Place your jar lids in a small saucepan and set on low heat. Bring the water to simmer, but don’t allow to get so hot as to boil.  In a large saucepan, combine the vinegar, water and salt together.  Bring vinegar mixture to a boil, then turn heat down to a simmer for 10 minutes.  Sanitize your jars in the hot water bath canner for 10 minutes at 180 degrees F.

Still with me?  Alright, GAME ON.  Pro tip:  If you have pets, kids, or anyone else living with you, I guarantee that this will be the moment that everyone suddenly needs to be in the kitchen or ask you a question.  For your own sanity, make sure to kick everyone out before you start juggling hot jars and beans.

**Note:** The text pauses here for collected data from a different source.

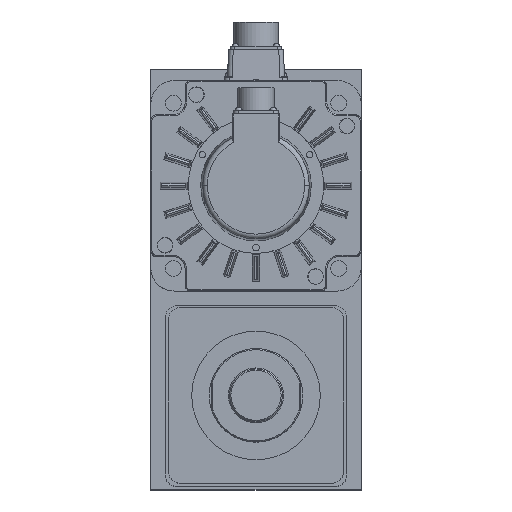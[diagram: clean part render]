
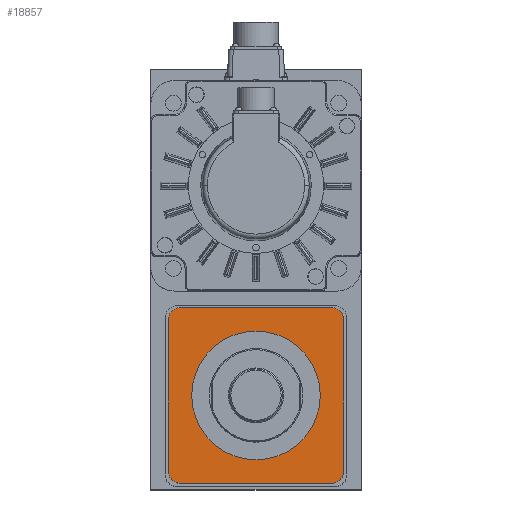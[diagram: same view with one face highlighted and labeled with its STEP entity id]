
A CAD part, top view. The second image highlights one B-rep face of the part: STEP entity #18857.
In plain terms, the highlighted planar face has unit normal (0, 0, 1).
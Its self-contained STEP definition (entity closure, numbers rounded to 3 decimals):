
#162 = CIRCLE ( 'NONE', #26504, 55. ) ;
#308 = DIRECTION ( 'NONE',  ( 0., 0., -1. ) ) ;
#404 = PLANE ( 'NONE',  #2155 ) ;
#620 = VERTEX_POINT ( 'NONE', #28152 ) ;
#1035 = DIRECTION ( 'NONE',  ( 0., 0., 1. ) ) ;
#1053 = CIRCLE ( 'NONE', #26394, 10. ) ;
#1138 = CIRCLE ( 'NONE', #22552, 10. ) ;
#1618 = EDGE_CURVE ( 'NONE', #11692, #19549, #22392, .T. ) ;
#1639 = VECTOR ( 'NONE', #23696, 1000. ) ;
#1834 = EDGE_CURVE ( 'NONE', #3076, #11692, #1053, .T. ) ;
#1890 = ORIENTED_EDGE ( 'NONE', *, *, #28570, .F. ) ;
#2155 = AXIS2_PLACEMENT_3D ( 'NONE', #20619, #308, #25311 ) ;
#2252 = ORIENTED_EDGE ( 'NONE', *, *, #28619, .T. ) ;
#2645 = EDGE_CURVE ( 'NONE', #21929, #5440, #22695, .T. ) ;
#2752 = DIRECTION ( 'NONE',  ( 0., 0., -1. ) ) ;
#3076 = VERTEX_POINT ( 'NONE', #14628 ) ;
#3132 = CARTESIAN_POINT ( 'NONE',  ( 65., 65., 315. ) ) ;
#3763 = VECTOR ( 'NONE', #18270, 1000. ) ;
#4438 = CIRCLE ( 'NONE', #27197, 10. ) ;
#4713 = EDGE_CURVE ( 'NONE', #12893, #19549, #4438, .T. ) ;
#4865 = LINE ( 'NONE', #19555, #6293 ) ;
#4914 = CARTESIAN_POINT ( 'NONE',  ( -65., -75., 315. ) ) ;
#5421 = FACE_BOUND ( 'NONE', #13653, .T. ) ;
#5440 = VERTEX_POINT ( 'NONE', #18283 ) ;
#5892 = VERTEX_POINT ( 'NONE', #6338 ) ;
#6250 = DIRECTION ( 'NONE',  ( -1., 0., 0. ) ) ;
#6293 = VECTOR ( 'NONE', #10580, 1000. ) ;
#6338 = CARTESIAN_POINT ( 'NONE',  ( 65., 75., 315. ) ) ;
#6590 = LINE ( 'NONE', #16672, #3763 ) ;
#7041 = DIRECTION ( 'NONE',  ( 0., 0., 1. ) ) ;
#7336 = LINE ( 'NONE', #19639, #1639 ) ;
#7806 = EDGE_CURVE ( 'NONE', #620, #5892, #1138, .T. ) ;
#8158 = DIRECTION ( 'NONE',  ( 1., 0., 0. ) ) ;
#10580 = DIRECTION ( 'NONE',  ( 0., -1., 0. ) ) ;
#10826 = AXIS2_PLACEMENT_3D ( 'NONE', #17550, #17170, #26439 ) ;
#10929 = VERTEX_POINT ( 'NONE', #26366 ) ;
#10965 = CARTESIAN_POINT ( 'NONE',  ( 75., -65., 315. ) ) ;
#11172 = AXIS2_PLACEMENT_3D ( 'NONE', #22913, #2752, #18763 ) ;
#11548 = EDGE_CURVE ( 'NONE', #13811, #3076, #4865, .T. ) ;
#11692 = VERTEX_POINT ( 'NONE', #4914 ) ;
#12105 = VECTOR ( 'NONE', #8158, 1000. ) ;
#12893 = VERTEX_POINT ( 'NONE', #10965 ) ;
#13411 = ORIENTED_EDGE ( 'NONE', *, *, #1618, .T. ) ;
#13653 = EDGE_LOOP ( 'NONE', ( #27004, #1890 ) ) ;
#13811 = VERTEX_POINT ( 'NONE', #24220 ) ;
#13868 = ORIENTED_EDGE ( 'NONE', *, *, #11548, .T. ) ;
#14628 = CARTESIAN_POINT ( 'NONE',  ( -75., -65., 315. ) ) ;
#14646 = FACE_OUTER_BOUND ( 'NONE', #24890, .T. ) ;
#14937 = ORIENTED_EDGE ( 'NONE', *, *, #22053, .F. ) ;
#15586 = CARTESIAN_POINT ( 'NONE',  ( 0., 0., 315. ) ) ;
#16672 = CARTESIAN_POINT ( 'NONE',  ( 100., 75., 315. ) ) ;
#17170 = DIRECTION ( 'NONE',  ( 0., 0., 1. ) ) ;
#17550 = CARTESIAN_POINT ( 'NONE',  ( 0., 0., 315. ) ) ;
#17706 = CARTESIAN_POINT ( 'NONE',  ( 100., -75., 315. ) ) ;
#18079 = CARTESIAN_POINT ( 'NONE',  ( -55., 0., 315. ) ) ;
#18207 = CARTESIAN_POINT ( 'NONE',  ( 65., -65., 315. ) ) ;
#18270 = DIRECTION ( 'NONE',  ( -1., 0., 0. ) ) ;
#18283 = CARTESIAN_POINT ( 'NONE',  ( 55., 0., 315. ) ) ;
#18293 = DIRECTION ( 'NONE',  ( 1., 0., 0. ) ) ;
#18763 = DIRECTION ( 'NONE',  ( 1., 0., 0. ) ) ;
#18857 = ADVANCED_FACE ( 'NONE', ( #5421, #14646 ), #404, .F. ) ;
#19549 = VERTEX_POINT ( 'NONE', #26265 ) ;
#19555 = CARTESIAN_POINT ( 'NONE',  ( -75., 0., 315. ) ) ;
#19639 = CARTESIAN_POINT ( 'NONE',  ( 75., 0., 315. ) ) ;
#20619 = CARTESIAN_POINT ( 'NONE',  ( 0., 0., 315. ) ) ;
#20686 = DIRECTION ( 'NONE',  ( 1., 0., 0. ) ) ;
#20870 = CARTESIAN_POINT ( 'NONE',  ( -65., -65., 315. ) ) ;
#21929 = VERTEX_POINT ( 'NONE', #18079 ) ;
#22053 = EDGE_CURVE ( 'NONE', #13811, #10929, #22931, .T. ) ;
#22299 = ORIENTED_EDGE ( 'NONE', *, *, #4713, .F. ) ;
#22392 = LINE ( 'NONE', #17706, #12105 ) ;
#22552 = AXIS2_PLACEMENT_3D ( 'NONE', #3132, #1035, #25631 ) ;
#22624 = ORIENTED_EDGE ( 'NONE', *, *, #1834, .T. ) ;
#22695 = CIRCLE ( 'NONE', #10826, 55. ) ;
#22913 = CARTESIAN_POINT ( 'NONE',  ( -65., 65., 315. ) ) ;
#22931 = CIRCLE ( 'NONE', #11172, 10. ) ;
#23068 = ORIENTED_EDGE ( 'NONE', *, *, #7806, .T. ) ;
#23696 = DIRECTION ( 'NONE',  ( 0., -1., 0. ) ) ;
#24220 = CARTESIAN_POINT ( 'NONE',  ( -75., 65., 315. ) ) ;
#24826 = DIRECTION ( 'NONE',  ( 0., 0., -1. ) ) ;
#24890 = EDGE_LOOP ( 'NONE', ( #22624, #13411, #22299, #24997, #23068, #2252, #14937, #13868 ) ) ;
#24997 = ORIENTED_EDGE ( 'NONE', *, *, #27204, .F. ) ;
#25311 = DIRECTION ( 'NONE',  ( -1., 0., 0. ) ) ;
#25631 = DIRECTION ( 'NONE',  ( 1., 0., 0. ) ) ;
#26265 = CARTESIAN_POINT ( 'NONE',  ( 65., -75., 315. ) ) ;
#26366 = CARTESIAN_POINT ( 'NONE',  ( -65., 75., 315. ) ) ;
#26394 = AXIS2_PLACEMENT_3D ( 'NONE', #20870, #7041, #20686 ) ;
#26439 = DIRECTION ( 'NONE',  ( -1., 0., 0. ) ) ;
#26504 = AXIS2_PLACEMENT_3D ( 'NONE', #15586, #29069, #6250 ) ;
#27004 = ORIENTED_EDGE ( 'NONE', *, *, #2645, .F. ) ;
#27197 = AXIS2_PLACEMENT_3D ( 'NONE', #18207, #24826, #18293 ) ;
#27204 = EDGE_CURVE ( 'NONE', #620, #12893, #7336, .T. ) ;
#28152 = CARTESIAN_POINT ( 'NONE',  ( 75., 65., 315. ) ) ;
#28570 = EDGE_CURVE ( 'NONE', #5440, #21929, #162, .T. ) ;
#28619 = EDGE_CURVE ( 'NONE', #5892, #10929, #6590, .T. ) ;
#29069 = DIRECTION ( 'NONE',  ( 0., 0., 1. ) ) ;

Pack your green beans into hot clean jars lengthwise, filling as much of the empty jar space as possible and making sure you have 1/2 inch of headspace at the top.  Really cram those suckers in there.  *Optional:  (If you’re putting in a few slices of jalapeno, tilt your jar to the side, laying them on that side, and place beans on top of the slices, then squeeze a few more slices of jalapeno on top of the beans while still holding the tilted jar.  This takes a bit of finesse, but it makes it look pretty).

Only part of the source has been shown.